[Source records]
___
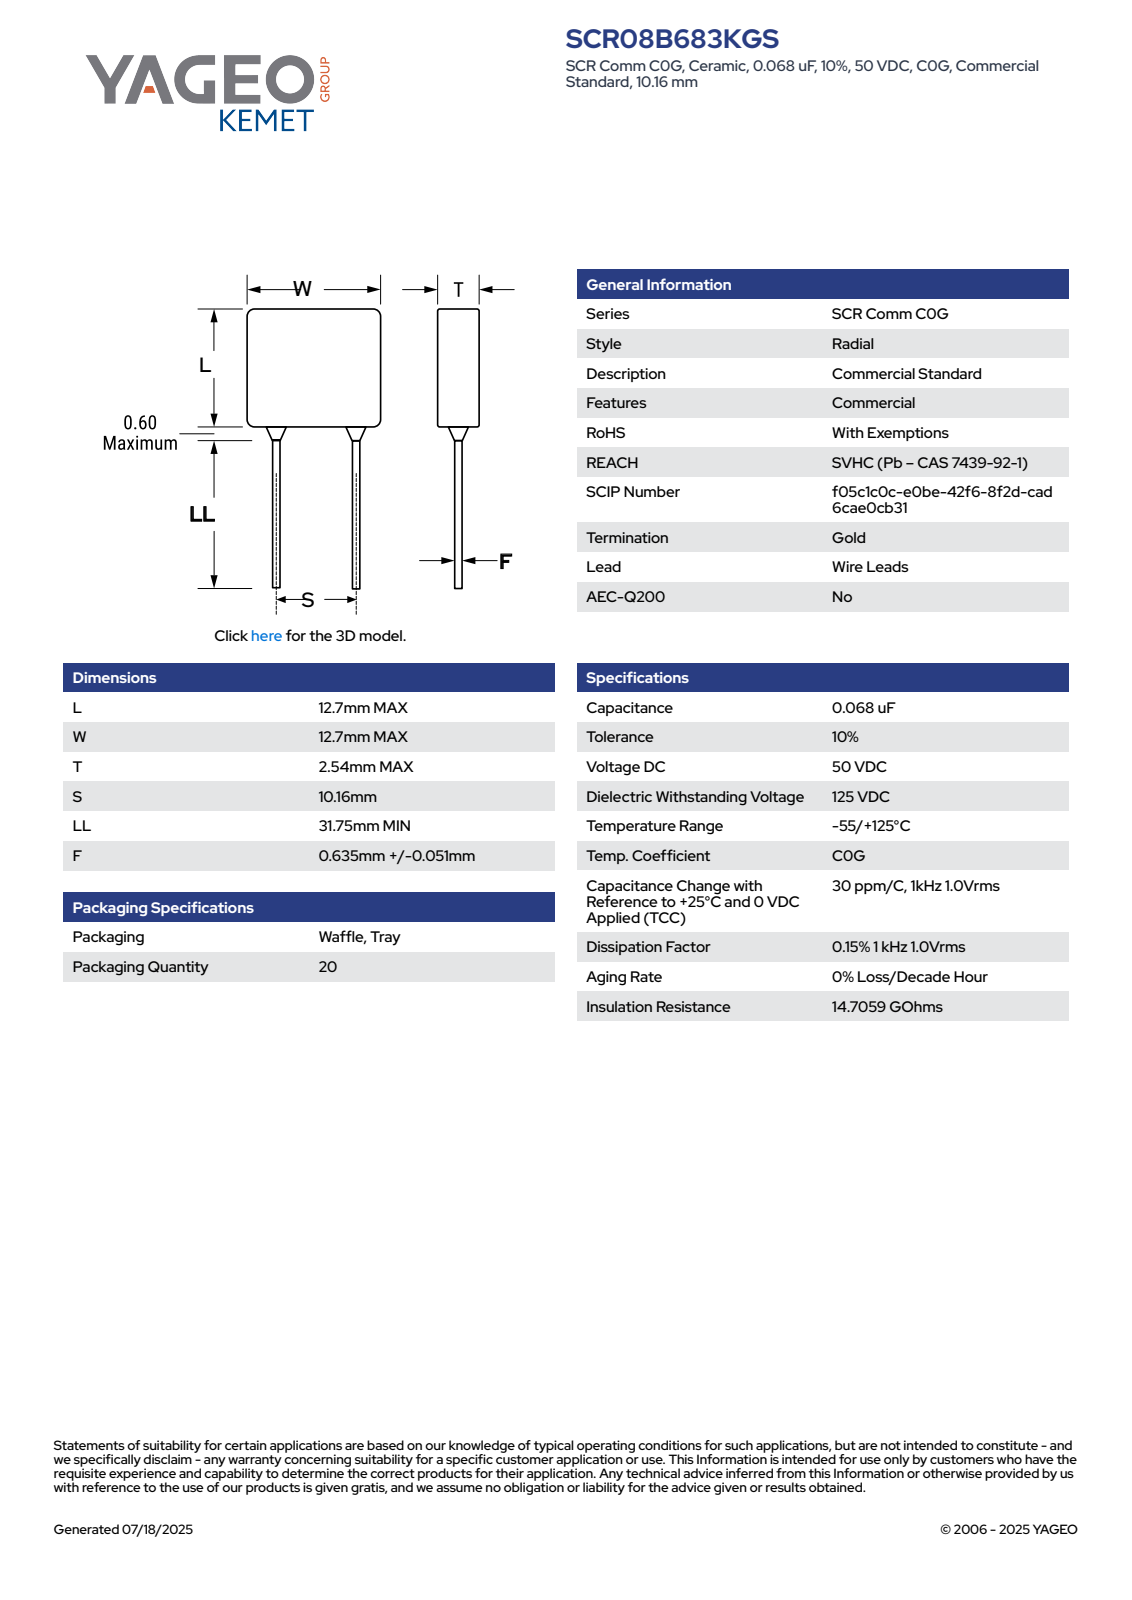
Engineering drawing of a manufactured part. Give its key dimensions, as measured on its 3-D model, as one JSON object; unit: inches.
{"part_name": "CCR_C3_8_L12.7T2.54S10.922LL31.75F0.686W12.7", "step_written_by": "SolidWorks 2021 (AUTOMOTIVE_DESIGN)", "units": "inches", "bodies": {"solids": 4, "faces": 77, "planar": 65, "cylindrical": 8, "other": 4}, "overall_size": [1.774, 0.5, 0.1], "volume_in3": 0.026, "surface_area_in2": 0.953, "round_bosses_or_shafts": [[0.027, 2]], "partial_cylinders_radius": [[0.02, 4]], "face_to_face_distances": [0.1, 0.5, 0.098, 1.274, 1.774, 1.562, 0.288, 0.212, 1.482, 0.209]}
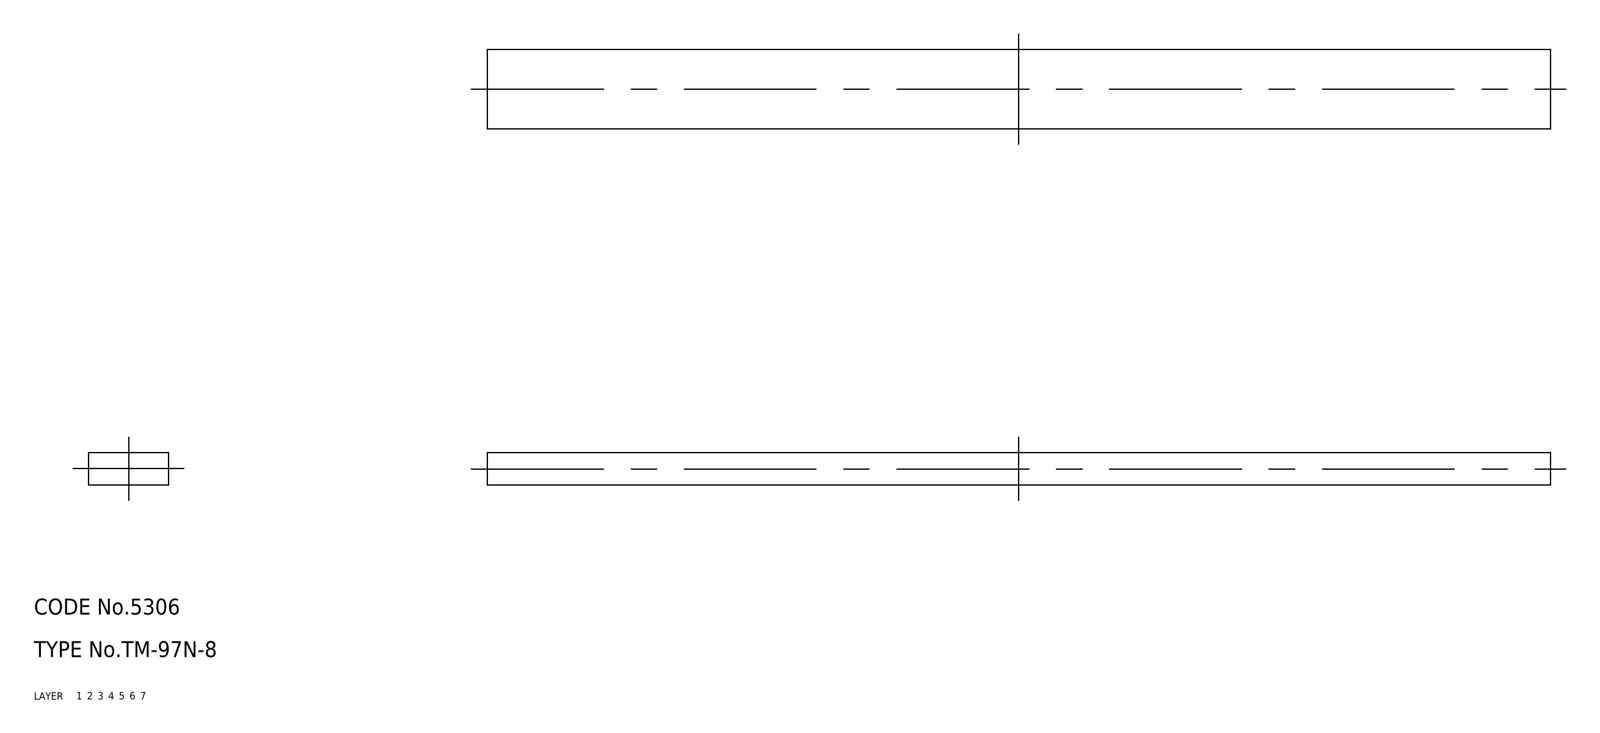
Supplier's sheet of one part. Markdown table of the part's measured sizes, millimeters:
| quantity | value |
| --- | --- |
| part name | 67109034 |
| STEP written by | CADfix (AUTOMOTIVE_DESIGN) |
| units | millimeters |
| bodies | 1 solid, 6 faces (0 planar, 0 cylindrical, 6 other) |
| overall size | 200 × 15 × 6 |
| volume | 18 000 mm³ |
| surface area | 8 580 mm² |
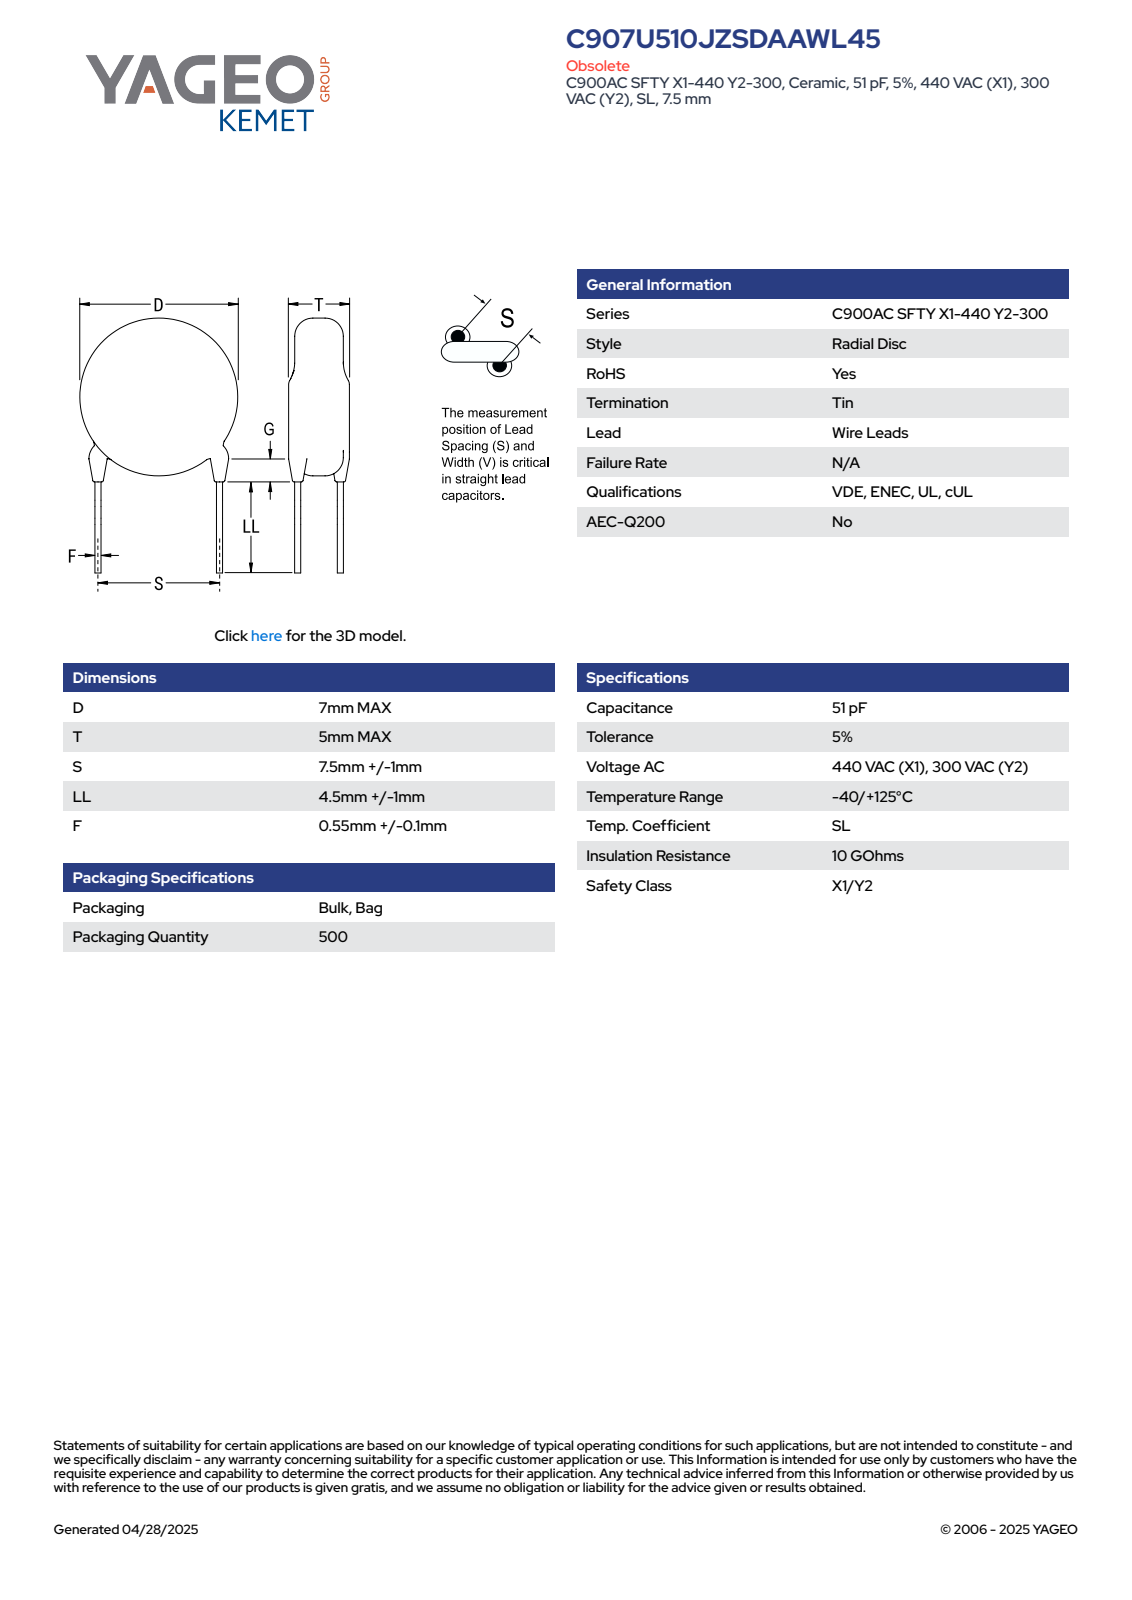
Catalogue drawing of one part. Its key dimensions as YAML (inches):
part_name: "CCD_STC900_D7T5S7.5LL5.5F0.65G3"
step_written_by: "SolidWorks 2014 (AUTOMOTIVE_DESIGN)"
units: inches
bodies: {solids: 4, faces: 83, planar: 61, cylindrical: 6, other: 16}
overall_size: [0.506, 0.304, 0.197]
volume: 0.012
surface_area: 0.315
round_bosses_or_shafts:
  - {diameter: 0.026, count: 2}
  - {diameter: 0.276, count: 1}
face_to_face_distances: [0.197, 0.032, 0.384, 0.352, 0.13, 0.066, 0.139, 0.094, 0.098, 0.052]
___
**WORK ORDER:**
Reproduce all lines above exactly. Leave the images out.

**TASK ANSWER:**
Engineering drawing of a manufactured part. Give its key dimensions, as measured on its 3-D model, as one JSON object; unit: inches.
{"part_name": "CCR_C3_8_L12.7T2.54S10.922LL31.75F0.686W12.7", "step_written_by": "SolidWorks 2021 (AUTOMOTIVE_DESIGN)", "units": "inches", "bodies": {"solids": 4, "faces": 77, "planar": 65, "cylindrical": 8, "other": 4}, "overall_size": [1.774, 0.5, 0.1], "volume_in3": 0.026, "surface_area_in2": 0.953, "round_bosses_or_shafts": [[0.027, 2]], "partial_cylinders_radius": [[0.02, 4]], "face_to_face_distances": [0.1, 0.5, 0.098, 1.274, 1.774, 1.562, 0.288, 0.212, 1.482, 0.209]}
Supplier's sheet of one part. Markdown table of the part's measured sizes, millimeters:
| quantity | value |
| --- | --- |
| part name | 67109034 |
| STEP written by | CADfix (AUTOMOTIVE_DESIGN) |
| units | millimeters |
| bodies | 1 solid, 6 faces (0 planar, 0 cylindrical, 6 other) |
| overall size | 200 × 15 × 6 |
| volume | 18 000 mm³ |
| surface area | 8 580 mm² |
Catalogue drawing of one part. Its key dimensions as YAML (inches):
part_name: "CCD_STC900_D7T5S7.5LL5.5F0.65G3"
step_written_by: "SolidWorks 2014 (AUTOMOTIVE_DESIGN)"
units: inches
bodies: {solids: 4, faces: 83, planar: 61, cylindrical: 6, other: 16}
overall_size: [0.506, 0.304, 0.197]
volume: 0.012
surface_area: 0.315
round_bosses_or_shafts:
  - {diameter: 0.026, count: 2}
  - {diameter: 0.276, count: 1}
face_to_face_distances: [0.197, 0.032, 0.384, 0.352, 0.13, 0.066, 0.139, 0.094, 0.098, 0.052]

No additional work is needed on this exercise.